At my school our weapons basic class teaches the basics of the Staff, Broadsword, and Gim (Tai Chi Sword) to our beginners. In the advanced class you start to learn some forms and everyone starts with the staff. Normally next is the Double Daggers. Then the Flute (which is a very dangerous weapon, believe it or not). 

7sm


----------



## stickarts (Oct 3, 2003)

Although my main art was Kenpo, i picked up various weapons over the years until now i actually have an entire weapons program including bo, sai, nunchucks, broadsword, sticks. kama, bokken.
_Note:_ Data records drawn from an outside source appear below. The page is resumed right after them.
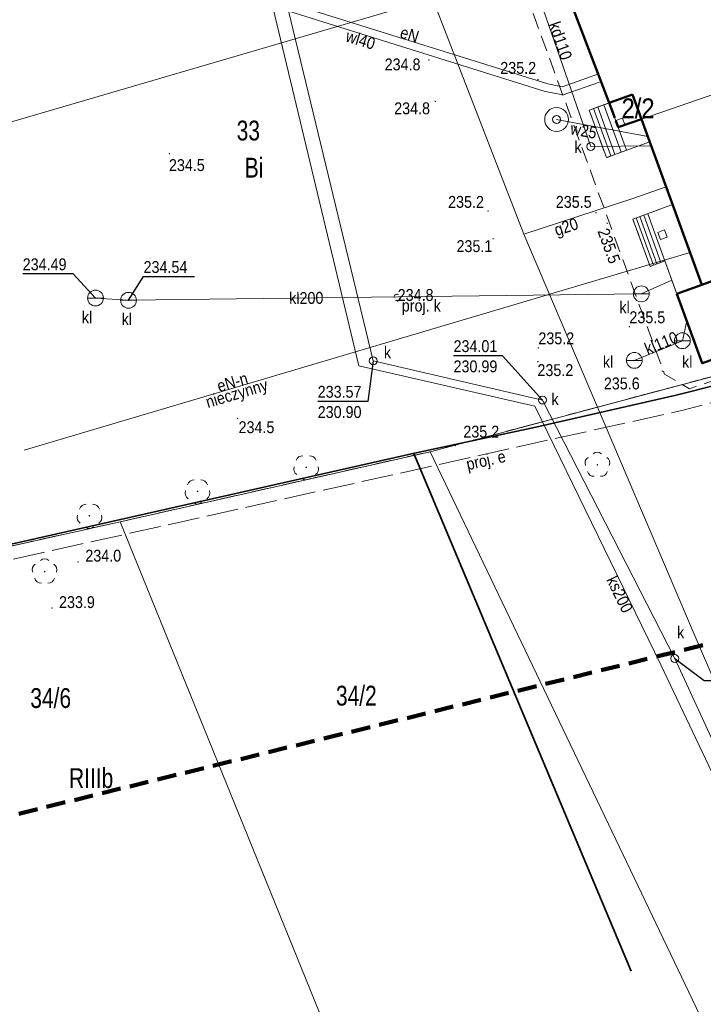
# Model space of a CAD drawing. Header units: metres. Extents: x 7529105 to 7529249, y 5515588 to 5515793.
# Tile 4 of 10: x 7529154 to 7529197, y 5515664 to 5515726. Entities that reach past the tile are written whole.
import ezdxf
from ezdxf.enums import TextEntityAlignment as Align

# ---------------------------------------------------------------- set-up
doc = ezdxf.new("R2010")
doc.units = ezdxf.units.M
doc.header["$MEASUREMENT"] = 0
for name, pattern in [('1.0_0.5', [1.5, 1, -0.5]), ('1.5_0.5', [2, 1.5, -0.5]), ('218-500', [1, 0.5, -0.5]), ('219-500', [0]), ('4', [1.8, 1.2, -0.6]), ('mz1.0_0.5', [1.5, 1, -0.5]), ('mz2.0_0.5', [2.5, 2, -0.5])]:
    doc.linetypes.add(name, pattern=pattern)
doc.layers.get('0').update_dxf_attribs({"color": 2, "linetype": 'CONTINUOUS', "lineweight": 5})
for name, color, linetype in [('209-Opis konturu klasyfikacyjnego', 7, 'CONTINUOUS'), ('210-Oznaczenie użytku', 7, 'CONTINUOUS'), ('211-Nr działki', 7, 'CONTINUOUS'), ('217-Granica konturu klasyfikcyjnego', 7, 'CONTINUOUS'), ('218-Granica użytku', 7, 'CONTINUOUS'), ('219-Linia granicy', 7, 'CONTINUOUS'), ('310-podpora związana z budynkiem (powierzchnia)', 7, 'CONTINUOUS'), ('312-Budynek (powierzchnia)', 7, 'CONTINUOUS'), ('320-część budynku wyodrębniona ze względu na liczbę kondygnacji naziemnych (powierzchnia)', 7, 'CONTINUOUS'), ('352-schody (powierzchnia)', 7, 'CONTINUOUS'), ('chodnik (powierzchnia)', 7, 'CONTINUOUS'), ('drzewo liściaste (punkt)', 7, 'CONTINUOUS'), ('nawis - blok budynku (powierzchnia)', 7, 'CONTINUOUS'), ('nawis - blok budynku (powierzchnia)-Atr25', 7, 'CONTINUOUS'), ('Obszar opracowania', 7, 'CONTINUOUS'), ('ogrodzenie trwałe (linia)', 7, 'CONTINUOUS'), ('osadnik kanalizacji lokalnej (dół Chambeau) (punkt)', 7, 'CONTINUOUS'), ('osadnik kanalizacji lokalnej (dół Chambeau) (punkt)-Atr17', 7, 'CONTINUOUS'), ('przewód elektroenergetyczny (linia)', 7, 'CONTINUOUS'), ('przewód elektroenergetyczny (linia)-Atr1', 7, 'CONTINUOUS'), ('przewód elektroenergetyczny (linia)-Atr6', 7, 'CONTINUOUS'), ('przewód elektroenergetyczny - projektowany lub w budowie (linia) - ob. projektowany', 7, 'CONTINUOUS'), ('przewód elektroenergetyczny - projektowany lub w budowie (linia) - ob. projektowany-Atr1', 7, 'CONTINUOUS'), ('przewód gazowy (linia)', 7, 'CONTINUOUS'), ('przewód gazowy (linia)-Atr1', 7, 'CONTINUOUS'), ('przewód kanalizacyjny (linia)', 7, 'CONTINUOUS'), ('przewód kanalizacyjny (linia)-Atr1', 7, 'CONTINUOUS'), ('przewód wodociągowy (linia)', 7, 'CONTINUOUS'), ('przewód wodociągowy (linia)-Atr1', 7, 'CONTINUOUS'), ('punkt o określonej wysokości (sieć kanalizacyjna)', 7, 'CONTINUOUS'), ('punkt o określonej wysokości (sieć kanalizacyjna)-Atr2', 7, 'CONTINUOUS'), ('punkt o określonej wysokości (sieć kanalizacyjna)-Atr3', 7, 'CONTINUOUS'), ('punkt wysokościowy naturalny', 7, 'CONTINUOUS'), ('punkt wysokościowy naturalny-Atr2', 7, 'CONTINUOUS'), ('studnia (punkt)', 7, 'CONTINUOUS'), ('studzienka okrągła - przewód kanalizacyjny (punkt)', 7, 'CONTINUOUS'), ('studzienka okrągła - przewód kanalizacyjny (punkt)-Atr17', 7, 'CONTINUOUS'), ('urządzenie techniczne projektowane lub w budowie (sieć kanalizacyjna) - punkt - ob. projektowany', 7, 'CONTINUOUS'), ('urządzenie techniczne projektowane lub w budowie (sieć kanalizacyjna) - punkt - ob. projektowany-Atr17', 7, 'CONTINUOUS'), ('właz okrągły - siec kanalizacyjna (punkt)', 7, 'CONTINUOUS'), ('właz okrągły - siec kanalizacyjna (punkt)-Atr17', 7, 'CONTINUOUS')]:
    doc.layers.add(name, color=color, linetype=linetype)
doc.styles.get("Standard").update_dxf_attribs({"font": 'Working1250', "width": 0.75})
doc.linetypes.add('902-500', pattern='A,3.75,0,[1,ksztalty.shx,S=0.5,R=0,X=0,Y=0],3.75', length=7.5)

# ---------------------------------------------------------------- blocks, each defined once
blk = doc.blocks.new('US07')
at = {"color": 0, "linetype": 'Continuous', "lineweight": 13}
for q in [(-0.5, 0), (0.5, 0)]:
    blk.add_line((0, 0), q, dxfattribs=at)
blk.add_circle((0, 0), 0.5, dxfattribs=at)
blk = doc.blocks.new('US22')
at = {"color": 0, "linetype": 'Continuous', "lineweight": 13}
blk.add_circle((0, 0), 0.25, dxfattribs=at)
blk = doc.blocks.new('US13')
at = {"color": 0, "linetype": 'Continuous', "lineweight": 13}
for radius in [0.75, 0.25]:
    blk.add_circle((0, 0), radius, dxfattribs=at)
blk = doc.blocks.new('OP021')
at = {"linetype": 'Continuous', "lineweight": 13}
h = blk.add_hatch(color=0, dxfattribs=at)
edge = h.paths.add_edge_path()
edge.add_arc((0, 0), 0.05, 0, 360)
at = {"color": 0, "linetype": 'Continuous', "lineweight": 13}
for centre, start, end in [((0, 0.4), 49.272, 130.728), ((-0.38, 0.124), 121.308, 202.548), ((0.38, 0.124), 337.452, 58.692), ((-0.235, -0.324), 193.221, 274.871), ((0.235, -0.324), 265.129, 346.779)]:
    blk.add_arc(centre, 0.4, start, end, dxfattribs=at)
blk = doc.blocks.new('PW01')
at = {"linetype": 'Continuous', "lineweight": 13}
h = blk.add_hatch(color=0, dxfattribs=at)
edge = h.paths.add_edge_path()
edge.add_arc((0, 0), 0.045, 0, 360)
blk = doc.blocks.new('US15')
at = {"color": 0, "linetype": 'Continuous', "lineweight": 13}
blk.add_circle((0, 0), 0.25, dxfattribs=at)
blk = doc.blocks.new('US01P')
at = {"color": 0, "linetype": 'Continuous', "lineweight": 13}
for points in [[(0.082, 0.181), (0.072, 0.186), (0.034, 0.197), (-0.006, 0.2), (-0.046, 0.194), (-0.084, 0.182), (-0.118, 0.161), (-0.148, 0.135), (-0.172, 0.103), (-0.189, 0.066), (-0.198, 0.028), (-0.2, -0.001)], [(-0.082, -0.182), (-0.061, -0.191), (-0.022, -0.199), (0.018, -0.199), (0.057, -0.192), (0.094, -0.177), (0.127, -0.155), (0.155, -0.126), (0.177, -0.093), (0.192, -0.056), (0.199, -0.016), (0.2, 0)]]:
    blk.add_lwpolyline(points, dxfattribs=at)

msp = doc.modelspace()

# ---------------------------------------------------------------- linework, layer by layer
at = {"layer": '217-Granica konturu klasyfikcyjnego', "color": 7, "linetype": '1.5_0.5', "lineweight": 18, "flags": 128}
for points in [[(7529211.46, 5515706.86), (7529179.59, 5515698.37)], [(7529179.59, 5515698.37), (7529160.06, 5515693.95)], [(7529160.06, 5515693.95), (7529148.26, 5515691.33)]]:
    msp.add_lwpolyline(points, dxfattribs=at)
at = {"layer": '218-Granica użytku', "color": 7, "linetype": '218-500', "lineweight": 18, "flags": 128}
for points in [[(7529211.46, 5515706.86), (7529179.59, 5515698.37)], [(7529179.59, 5515698.37), (7529211.46, 5515706.86)], [(7529179.59, 5515698.37), (7529160.06, 5515693.95)], [(7529160.06, 5515693.95), (7529179.59, 5515698.37)], [(7529160.06, 5515693.95), (7529148.26, 5515691.33)], [(7529148.26, 5515691.33), (7529160.06, 5515693.95)]]:
    msp.add_lwpolyline(points, dxfattribs=at)
at = {"layer": '219-Linia granicy', "color": 7, "linetype": '219-500', "lineweight": 18, "flags": 128}
for points in [[(7529211.46, 5515706.86), (7529179.59, 5515698.37)], [(7529179.59, 5515698.37), (7529160.06, 5515693.95)], [(7529179.59, 5515698.37), (7529190.85, 5515674.88)], [(7529160.06, 5515693.95), (7529148.26, 5515691.33)], [(7529160.06, 5515693.95), (7529186, 5515630.02)], [(7529190.85, 5515674.88), (7529196.61, 5515662.84)]]:
    msp.add_lwpolyline(points, dxfattribs=at)
at = {"layer": '310-podpora związana z budynkiem (powierzchnia)', "color": 7, "linetype": 'Continuous', "lineweight": 18, "flags": 128}
for points in [[(7529191.3, 5515719.25), (7529191.72, 5515719.41)], [(7529191.87, 5515718.98), (7529191.72, 5515719.41)], [(7529191.3, 5515719.25), (7529191.45, 5515718.83)], [(7529191.87, 5515718.98), (7529191.45, 5515718.83)], [(7529193.95, 5515712.2), (7529194.38, 5515712.36)], [(7529194.11, 5515711.75), (7529193.95, 5515712.2)], [(7529194.12, 5515711.75), (7529194.55, 5515711.9)], [(7529194.55, 5515711.9), (7529194.38, 5515712.36)]]:
    msp.add_lwpolyline(points, dxfattribs=at)
at = {"layer": '312-Budynek (powierzchnia)', "color": 7, "linetype": 'Continuous', "lineweight": 50, "flags": 128}
for points in [[(7529205.41, 5515723.66), (7529202.46, 5515732), (7529188.33, 5515727.1), (7529190.89, 5515720.37)], [(7529190.89, 5515720.37), (7529192.35, 5515720.9)], [(7529192.92, 5515719.34), (7529192.35, 5515720.9)], [(7529196.73, 5515708.89), (7529192.92, 5515719.34)], [(7529195.16, 5515708.32), (7529196.74, 5515703.95), (7529210.57, 5515708.69), (7529208.96, 5515713.36)], [(7529196.73, 5515708.89), (7529208.96, 5515713.36)], [(7529195.16, 5515708.32), (7529196.73, 5515708.89)]]:
    msp.add_lwpolyline(points, dxfattribs=at)
at = {"layer": '312-Budynek (powierzchnia)', "color": 7, "linetype": '1.0_0.5', "lineweight": 50, "flags": 128}
msp.add_lwpolyline([(7529190.89, 5515720.37), (7529191.45, 5515718.83)], dxfattribs=at)
at = {"layer": '312-Budynek (powierzchnia)', "color": 7, "linetype": '1.0_0.5', "lineweight": 13, "flags": 128}
msp.add_lwpolyline([(7529192.92, 5515719.34), (7529191.45, 5515718.83)], dxfattribs=at)
at = {"layer": '320-część budynku wyodrębniona ze względu na liczbę kondygnacji naziemnych (powierzchnia)', "color": 7, "linetype": 'Continuous', "lineweight": 13, "flags": 128}
msp.add_lwpolyline([(7529205.41, 5515723.66), (7529192.93, 5515719.34)], dxfattribs=at)
at = {"layer": '352-schody (powierzchnia)', "color": 7, "linetype": 'Continuous', "lineweight": 18, "flags": 128}
for points in [[(7529190.79, 5515720.33), (7529189.63, 5515719.91), (7529190.71, 5515716.92), (7529193.44, 5515717.91)], [(7529190.79, 5515720.33), (7529189.63, 5515719.91), (7529190.71, 5515716.92), (7529193.44, 5515717.91)], [(7529189.89, 5515720.01), (7529190.98, 5515717.02)], [(7529189.89, 5515720.01), (7529190.98, 5515717.02)], [(7529190.16, 5515720.11), (7529191.25, 5515717.12)], [(7529190.16, 5515720.11), (7529191.25, 5515717.12)], [(7529190.55, 5515720.25), (7529191.64, 5515717.26)], [(7529190.55, 5515720.25), (7529191.64, 5515717.26)], [(7529190.89, 5515720.37), (7529191.98, 5515717.38)], [(7529190.89, 5515720.37), (7529191.98, 5515717.38)], [(7529193.67, 5515710.14), (7529192.59, 5515713.12)], [(7529193.67, 5515710.14), (7529192.59, 5515713.12)], [(7529193.89, 5515710.22), (7529192.81, 5515713.2)], [(7529193.89, 5515710.22), (7529192.81, 5515713.2)], [(7529194.15, 5515710.31), (7529193.07, 5515713.29)], [(7529194.15, 5515710.31), (7529193.07, 5515713.29)], [(7529194.4, 5515710.4), (7529193.32, 5515713.38)], [(7529194.4, 5515710.4), (7529193.32, 5515713.38)]]:
    msp.add_lwpolyline(points, dxfattribs=at)
msp.add_lwpolyline([(7529195.97, 5515710.97), (7529196.73, 5515708.89), (7529195.16, 5515708.32), (7529194.4, 5515710.4), (7529193.46, 5515710.06), (7529192.38, 5515713.03), (7529194.88, 5515713.95)], close=True, dxfattribs=at)
msp.add_lwpolyline([(7529195.97, 5515710.97), (7529196.73, 5515708.89), (7529195.16, 5515708.32), (7529194.4, 5515710.4), (7529193.46, 5515710.06), (7529192.38, 5515713.03), (7529194.88, 5515713.95)], close=True, dxfattribs=at)
at = {"layer": 'chodnik (powierzchnia)', "color": 7, "linetype": 'mz1.0_0.5', "lineweight": 18, "flags": 128}
for points in [[(7529179.58, 5515736.87), (7529183.24, 5515726.22), (7529185.7, 5515727.07), (7529194.37, 5515703.27), (7529195.95, 5515702.34), (7529212.09, 5515707.87), (7529211.76, 5515708.78), (7529215.25, 5515710.28), (7529219.09, 5515711.44), (7529219.26, 5515711.7), (7529217.97, 5515716.78), (7529217.13, 5515716.68), (7529208.35, 5515752.07), (7529182.62, 5515743.4), (7529184.26, 5515738.49)], [(7529190.89, 5515720.37), (7529188.33, 5515727.1), (7529202.46, 5515732), (7529205.41, 5515723.66), (7529207.42, 5515717.83), (7529208.01, 5515718.05), (7529209.57, 5515713.58), (7529208.96, 5515713.36), (7529210.57, 5515708.69), (7529196.74, 5515703.95), (7529194.4, 5515710.4), (7529193.46, 5515710.06), (7529192.38, 5515713.03), (7529194.88, 5515713.95), (7529193.44, 5515717.91), (7529190.71, 5515716.92), (7529189.63, 5515719.91)]]:
    msp.add_lwpolyline(points, close=True, dxfattribs=at)
at = {"layer": 'nawis - blok budynku (powierzchnia)', "color": 7, "linetype": 'mz2.0_0.5', "lineweight": 50, "flags": 128}
msp.add_lwpolyline([(7529192.92, 5515719.34), (7529191.45, 5515718.83), (7529190.89, 5515720.37), (7529192.35, 5515720.9)], close=True, dxfattribs=at)
at = {"layer": 'Obszar opracowania', "color": 7, "linetype": '4', "lineweight": 200, "flags": 128}
msp.add_lwpolyline([(7529109.98, 5515664.77), (7529244.65, 5515697.97), (7529234.97, 5515771.82), (7529105.56, 5515745.73)], close=True, dxfattribs=at)
at = {"layer": 'ogrodzenie trwałe (linia)', "color": 7, "linetype": '902-500', "lineweight": 35, "flags": 128}
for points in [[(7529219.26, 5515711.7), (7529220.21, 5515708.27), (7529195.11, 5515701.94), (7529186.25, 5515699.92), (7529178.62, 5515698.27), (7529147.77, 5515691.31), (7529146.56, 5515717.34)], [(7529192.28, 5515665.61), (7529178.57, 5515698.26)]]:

Some of it is more practical than others, but mainly i just enjoy learning and training!


----------



## MJS (Oct 3, 2003)

My base art is Kenpo, but I also crosstrain in Arnis.  I've worked with some other weapons also, but I feel that the stick and the knife are the most practical.  In addition, the weapon tech. can be translated to empty hand as well.

Mike


----------



## kroh (Oct 3, 2003)

I would like to think my martial arts training helped me greatly when i was working as a soldier.   The techniques and tactical thinking were a great advantage .   NOw that I am no longer green, i still do weapons training from that life to supliment the stuff i am doing now ( firearms training, paintball, bayonet fighting).

The martial arts I train in now, use weaponry that can be translated to modern versions.  Although i won't carry a firearm or bayonet everywhere I go, it is still good training.

Thanx for the minute...
WalT


----------



## Kempo Guy (Oct 3, 2003)

The style of jujutsu I currently study include a variety of weaponry but with a heavy emphasis on sword (both as Iai and Ken). Other weapons include tanto (knife), Jo (staff), naginata (halberd) and a few others. 

When I studied Kempo I learned sai, nunchaku, 4' staff, 6'staff and sticks / club (like Escrima sticks). Our style of Kempo did include more weaponry but I never was exposed to them. 
I've also cross trained in some knifefighting (filipino / indonesian influence) and Ryukyu Kobudo (tonfa, bo and sai) in the past.

I think studying weapons enhances your empty hand practice. Especially if it includes paired practice. It will teach you better focus and distancing. 

KG


----------



## arnisador (Oct 4, 2003)

In the FMA, it's all the same to us!

When I took Karate and Iaido, it felt more like separate training than cross training.


----------



## Shinzu (Oct 4, 2003)

> _Originally posted by Kempo Guy _
> *I think studying weapons enhances your empty hand practice. Especially if it includes paired practice. It will teach you better focus and distancing.
> *



i totally agree


----------



## YouAgain (Oct 5, 2003)

Well I learn an Okinawan arts so we learn all the weapons aswell........


----------



## Kempo Guy (Oct 5, 2003)

Arnisador,

I agree. 
In the style I currently study there is really no difference whether you have a sword, a jo or if you're empty handed, the principles remain the same. In fact, the sword training enhances everything else. 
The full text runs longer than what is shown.